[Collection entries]
====

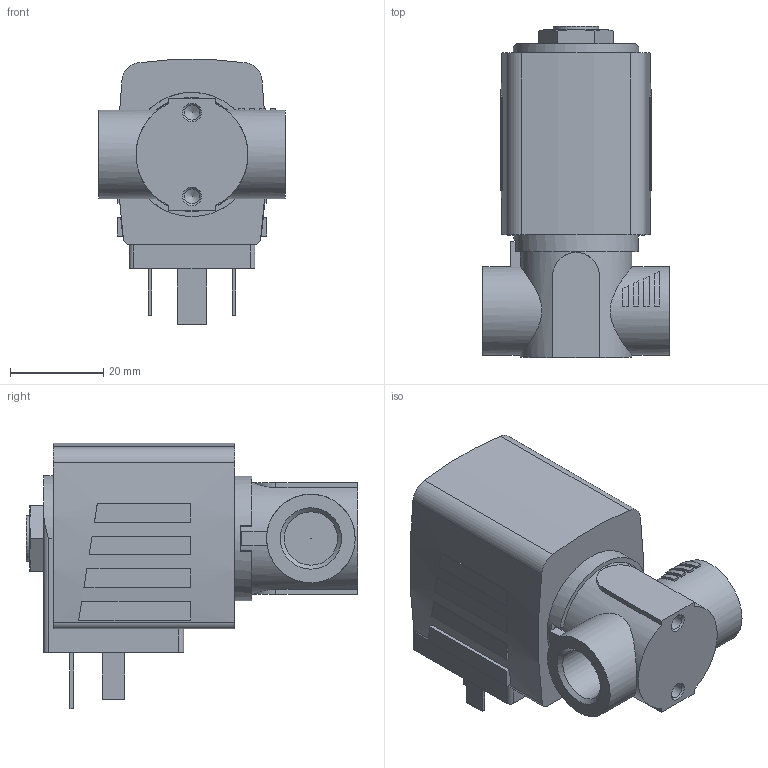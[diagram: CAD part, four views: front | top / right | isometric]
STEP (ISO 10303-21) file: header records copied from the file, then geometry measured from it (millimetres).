
FILE_DESCRIPTION(/* description */ ('STEP AP214'),/* implementation_level */ '2;1');
FILE_NAME(/* name */ '6240-204664-2_2-way_solenoid_valve__pilot-controlled',/* time_stamp */ '2024-05-07T17:48:52+02:00',/* author */ ('License CC BY-ND 4.0'),/* organization */ ('CADENAS'),/* preprocessor_version */ 'ST-DEVELOPER v19.3',/* originating_system */ 'PARTsolutions',/* authorisation */ ' ');
FILE_SCHEMA (('AUTOMOTIVE_DESIGN {1 0 10303 214 3 1 1}'));
Length unit declared in the file: millimetre
Products named in the file (3): 6240-204664-2/2-way solenoid valve, pilot-controlled; 6240-Gehaeuse-2/2-Wege-Magnetventil, vorgesteuert StandardG1/46MS; AC10ex-5NA38-Plan-Coil
Assembly tree (2 placements, depth 2):
  6240-204664-2/2-way solenoid valve, pilot-controlled
    6240-Gehaeuse-2/2-Wege-Magnetventil, vorgesteuert StandardG1/46MS
    AC10ex-5NA38-Plan-Coil
Bounding box: 40 x 71 x 56.91 mm (x, y, z)
Volume: 69139.1 mm3; surface area: 15030.6 mm2
Topology: 2 solids, 2 shells, 154 faces, 369 edges, 242 vertices
Faces by surface type: plane 109, cylinder 32, cone 13
Full cylindrical faces by diameter (mm): 0.2 x1, 2.013 x1, 3.242 x2, 9.74 x1, 11.445 x2, 19 x2, 24 x1, 24.5 x1, 26.65 x1
Entity records: 5512 total; most frequent: CARTESIAN_POINT 849, DIRECTION 737, ORIENTED_EDGE 682, EDGE_CURVE 341, AXIS2_PLACEMENT_3D 261, VERTEX_POINT 235, LINE 215, VECTOR 215

====

--- What this task involves ---
Once you find the line containing "STEP (ISO 10303-21)", copy it and every line after it through the end of the records, exactly as they stand.

--- Completed exercise ---
STEP (ISO 10303-21) file: header records copied from the file, then geometry measured from it (millimetres).
FILE_DESCRIPTION(/* description */ ('STEP AP214'),/* implementation_level */ '2;1');
FILE_NAME(/* name */ '6240-204664-2_2-way_solenoid_valve__pilot-controlled',/* time_stamp */ '2024-05-07T17:48:52+02:00',/* author */ ('License CC BY-ND 4.0'),/* organization */ ('CADENAS'),/* preprocessor_version */ 'ST-DEVELOPER v19.3',/* originating_system */ 'PARTsolutions',/* authorisation */ ' ');
FILE_SCHEMA (('AUTOMOTIVE_DESIGN {1 0 10303 214 3 1 1}'));
Length unit declared in the file: millimetre
Products named in the file (3): 6240-204664-2/2-way solenoid valve, pilot-controlled; 6240-Gehaeuse-2/2-Wege-Magnetventil, vorgesteuert StandardG1/46MS; AC10ex-5NA38-Plan-Coil
Assembly tree (2 placements, depth 2):
  6240-204664-2/2-way solenoid valve, pilot-controlled
    6240-Gehaeuse-2/2-Wege-Magnetventil, vorgesteuert StandardG1/46MS
    AC10ex-5NA38-Plan-Coil
Bounding box: 40 x 71 x 56.91 mm (x, y, z)
Volume: 69139.1 mm3; surface area: 15030.6 mm2
Topology: 2 solids, 2 shells, 154 faces, 369 edges, 242 vertices
Faces by surface type: plane 109, cylinder 32, cone 13
Full cylindrical faces by diameter (mm): 0.2 x1, 2.013 x1, 3.242 x2, 9.74 x1, 11.445 x2, 19 x2, 24 x1, 24.5 x1, 26.65 x1
Entity records: 5512 total; most frequent: CARTESIAN_POINT 849, DIRECTION 737, ORIENTED_EDGE 682, EDGE_CURVE 341, AXIS2_PLACEMENT_3D 261, VERTEX_POINT 235, LINE 215, VECTOR 215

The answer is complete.